■ **Records shown**

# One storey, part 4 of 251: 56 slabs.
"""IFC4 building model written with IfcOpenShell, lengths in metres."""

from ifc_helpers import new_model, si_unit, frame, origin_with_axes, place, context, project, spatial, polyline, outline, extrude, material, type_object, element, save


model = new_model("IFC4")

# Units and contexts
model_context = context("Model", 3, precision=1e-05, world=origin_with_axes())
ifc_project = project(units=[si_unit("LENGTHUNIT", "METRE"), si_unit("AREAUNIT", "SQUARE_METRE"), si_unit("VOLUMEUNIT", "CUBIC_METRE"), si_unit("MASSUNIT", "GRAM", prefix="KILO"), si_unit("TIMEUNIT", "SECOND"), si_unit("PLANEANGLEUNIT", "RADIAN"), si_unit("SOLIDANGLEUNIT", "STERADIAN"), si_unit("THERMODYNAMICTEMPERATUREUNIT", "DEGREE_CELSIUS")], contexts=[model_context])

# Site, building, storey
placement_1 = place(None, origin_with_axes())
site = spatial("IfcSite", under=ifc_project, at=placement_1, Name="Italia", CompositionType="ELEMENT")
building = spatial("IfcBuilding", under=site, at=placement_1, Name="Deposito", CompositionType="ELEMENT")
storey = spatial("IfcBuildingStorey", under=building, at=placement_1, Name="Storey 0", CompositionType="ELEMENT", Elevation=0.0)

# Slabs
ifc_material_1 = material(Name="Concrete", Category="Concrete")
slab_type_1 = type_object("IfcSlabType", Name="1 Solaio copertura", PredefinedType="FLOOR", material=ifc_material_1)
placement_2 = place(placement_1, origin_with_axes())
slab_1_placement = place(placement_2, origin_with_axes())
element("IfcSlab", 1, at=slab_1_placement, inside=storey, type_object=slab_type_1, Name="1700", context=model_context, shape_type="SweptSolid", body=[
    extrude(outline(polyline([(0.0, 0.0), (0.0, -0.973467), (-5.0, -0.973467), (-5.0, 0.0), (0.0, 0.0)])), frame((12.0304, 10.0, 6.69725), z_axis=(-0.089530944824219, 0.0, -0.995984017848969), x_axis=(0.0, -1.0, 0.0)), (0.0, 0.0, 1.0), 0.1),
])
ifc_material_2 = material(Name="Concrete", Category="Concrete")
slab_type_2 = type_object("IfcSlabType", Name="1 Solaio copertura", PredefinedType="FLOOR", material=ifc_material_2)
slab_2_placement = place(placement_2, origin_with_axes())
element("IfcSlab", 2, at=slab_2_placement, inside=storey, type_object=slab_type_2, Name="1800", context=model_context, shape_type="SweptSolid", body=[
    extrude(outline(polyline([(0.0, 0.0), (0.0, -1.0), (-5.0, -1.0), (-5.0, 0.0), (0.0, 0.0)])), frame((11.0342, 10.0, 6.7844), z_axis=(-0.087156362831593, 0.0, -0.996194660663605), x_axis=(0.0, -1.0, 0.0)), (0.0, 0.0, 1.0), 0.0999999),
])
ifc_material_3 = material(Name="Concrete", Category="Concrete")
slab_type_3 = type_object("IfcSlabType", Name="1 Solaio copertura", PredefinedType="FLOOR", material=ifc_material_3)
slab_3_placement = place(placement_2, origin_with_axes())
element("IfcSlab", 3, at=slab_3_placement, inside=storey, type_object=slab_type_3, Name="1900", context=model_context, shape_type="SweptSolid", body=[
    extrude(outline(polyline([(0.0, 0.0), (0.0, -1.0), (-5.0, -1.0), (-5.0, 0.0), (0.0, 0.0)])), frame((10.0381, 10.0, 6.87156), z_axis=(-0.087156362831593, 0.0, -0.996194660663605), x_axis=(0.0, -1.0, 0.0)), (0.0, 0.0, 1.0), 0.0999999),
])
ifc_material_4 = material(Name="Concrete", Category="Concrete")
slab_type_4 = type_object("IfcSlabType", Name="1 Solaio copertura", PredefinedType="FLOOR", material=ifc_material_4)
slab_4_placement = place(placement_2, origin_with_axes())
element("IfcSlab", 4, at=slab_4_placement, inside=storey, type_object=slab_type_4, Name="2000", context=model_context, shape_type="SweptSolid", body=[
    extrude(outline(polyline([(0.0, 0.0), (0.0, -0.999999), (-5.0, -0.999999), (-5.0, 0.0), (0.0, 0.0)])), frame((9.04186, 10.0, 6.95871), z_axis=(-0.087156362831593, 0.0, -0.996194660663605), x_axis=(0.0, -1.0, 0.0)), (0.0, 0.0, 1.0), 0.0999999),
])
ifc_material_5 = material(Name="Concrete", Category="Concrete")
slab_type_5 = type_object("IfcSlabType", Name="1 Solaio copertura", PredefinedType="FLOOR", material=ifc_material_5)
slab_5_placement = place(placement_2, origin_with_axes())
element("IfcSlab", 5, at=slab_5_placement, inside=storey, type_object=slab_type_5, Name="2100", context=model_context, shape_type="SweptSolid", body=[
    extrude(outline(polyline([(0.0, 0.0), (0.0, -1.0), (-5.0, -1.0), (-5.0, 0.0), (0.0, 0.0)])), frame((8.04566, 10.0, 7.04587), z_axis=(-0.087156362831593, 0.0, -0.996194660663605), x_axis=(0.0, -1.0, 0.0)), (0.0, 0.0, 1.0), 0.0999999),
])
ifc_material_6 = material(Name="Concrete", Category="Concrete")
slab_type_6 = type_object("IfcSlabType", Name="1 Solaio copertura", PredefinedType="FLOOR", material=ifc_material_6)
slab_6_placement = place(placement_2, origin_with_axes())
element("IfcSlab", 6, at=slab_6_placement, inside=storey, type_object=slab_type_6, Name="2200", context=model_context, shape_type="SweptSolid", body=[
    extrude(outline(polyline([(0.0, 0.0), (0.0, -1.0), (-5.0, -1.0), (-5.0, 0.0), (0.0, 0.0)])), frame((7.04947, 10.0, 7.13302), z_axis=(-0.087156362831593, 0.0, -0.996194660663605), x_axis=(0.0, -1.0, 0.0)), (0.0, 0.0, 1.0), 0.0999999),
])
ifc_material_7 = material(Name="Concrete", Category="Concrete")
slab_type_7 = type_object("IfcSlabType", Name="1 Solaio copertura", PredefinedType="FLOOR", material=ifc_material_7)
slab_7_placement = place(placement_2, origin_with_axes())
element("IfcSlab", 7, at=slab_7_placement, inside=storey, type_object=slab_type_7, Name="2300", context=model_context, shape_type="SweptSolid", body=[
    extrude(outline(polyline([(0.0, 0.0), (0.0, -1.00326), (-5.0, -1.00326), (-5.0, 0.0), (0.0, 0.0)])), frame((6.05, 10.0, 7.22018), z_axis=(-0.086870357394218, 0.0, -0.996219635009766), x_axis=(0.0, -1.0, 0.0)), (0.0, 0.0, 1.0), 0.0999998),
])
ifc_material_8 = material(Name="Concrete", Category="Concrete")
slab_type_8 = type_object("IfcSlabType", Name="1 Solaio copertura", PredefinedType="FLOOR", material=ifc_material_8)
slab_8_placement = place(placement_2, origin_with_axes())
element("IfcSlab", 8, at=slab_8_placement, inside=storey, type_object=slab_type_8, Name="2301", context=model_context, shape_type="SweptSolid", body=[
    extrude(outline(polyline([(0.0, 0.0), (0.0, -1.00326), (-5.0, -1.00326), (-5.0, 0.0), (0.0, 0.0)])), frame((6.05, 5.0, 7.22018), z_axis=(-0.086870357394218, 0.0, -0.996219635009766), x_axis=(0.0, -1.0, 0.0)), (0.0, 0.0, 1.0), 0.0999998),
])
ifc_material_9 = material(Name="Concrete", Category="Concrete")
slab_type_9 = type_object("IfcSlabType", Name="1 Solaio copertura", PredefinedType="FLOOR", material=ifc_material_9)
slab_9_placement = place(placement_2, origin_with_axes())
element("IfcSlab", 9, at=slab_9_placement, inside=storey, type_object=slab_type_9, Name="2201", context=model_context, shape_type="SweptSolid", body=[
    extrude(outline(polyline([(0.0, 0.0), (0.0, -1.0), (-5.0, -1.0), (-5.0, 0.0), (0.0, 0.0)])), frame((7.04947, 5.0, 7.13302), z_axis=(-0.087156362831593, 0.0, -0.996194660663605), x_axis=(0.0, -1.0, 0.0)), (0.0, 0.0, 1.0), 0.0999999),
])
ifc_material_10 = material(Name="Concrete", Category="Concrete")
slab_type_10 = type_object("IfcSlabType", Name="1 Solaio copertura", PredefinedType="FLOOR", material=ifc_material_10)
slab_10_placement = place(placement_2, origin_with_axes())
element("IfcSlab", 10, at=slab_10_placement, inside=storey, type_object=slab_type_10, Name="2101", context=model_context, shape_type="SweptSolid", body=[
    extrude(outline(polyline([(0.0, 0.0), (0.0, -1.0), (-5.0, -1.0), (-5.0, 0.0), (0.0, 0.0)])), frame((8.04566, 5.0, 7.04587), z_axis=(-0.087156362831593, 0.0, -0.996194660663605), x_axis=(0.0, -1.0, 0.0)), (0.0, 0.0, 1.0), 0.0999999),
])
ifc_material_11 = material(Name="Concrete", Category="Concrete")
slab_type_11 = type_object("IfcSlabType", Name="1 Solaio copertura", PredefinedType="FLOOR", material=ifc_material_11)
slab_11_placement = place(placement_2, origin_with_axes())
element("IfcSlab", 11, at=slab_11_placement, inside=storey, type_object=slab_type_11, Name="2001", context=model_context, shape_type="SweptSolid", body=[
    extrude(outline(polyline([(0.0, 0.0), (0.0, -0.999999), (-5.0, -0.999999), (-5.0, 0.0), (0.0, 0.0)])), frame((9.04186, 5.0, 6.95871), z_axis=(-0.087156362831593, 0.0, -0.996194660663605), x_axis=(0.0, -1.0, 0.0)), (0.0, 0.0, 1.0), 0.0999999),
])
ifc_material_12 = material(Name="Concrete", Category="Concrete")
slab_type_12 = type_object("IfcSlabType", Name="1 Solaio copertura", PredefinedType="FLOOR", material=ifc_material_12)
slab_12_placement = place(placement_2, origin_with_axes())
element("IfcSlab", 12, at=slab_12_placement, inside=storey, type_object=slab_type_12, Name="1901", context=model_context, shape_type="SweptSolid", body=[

■ **Your instructions**
Work out the number of lines in this listing that include the word "CompositionType". Reply with that number only.

■ **Your response**
3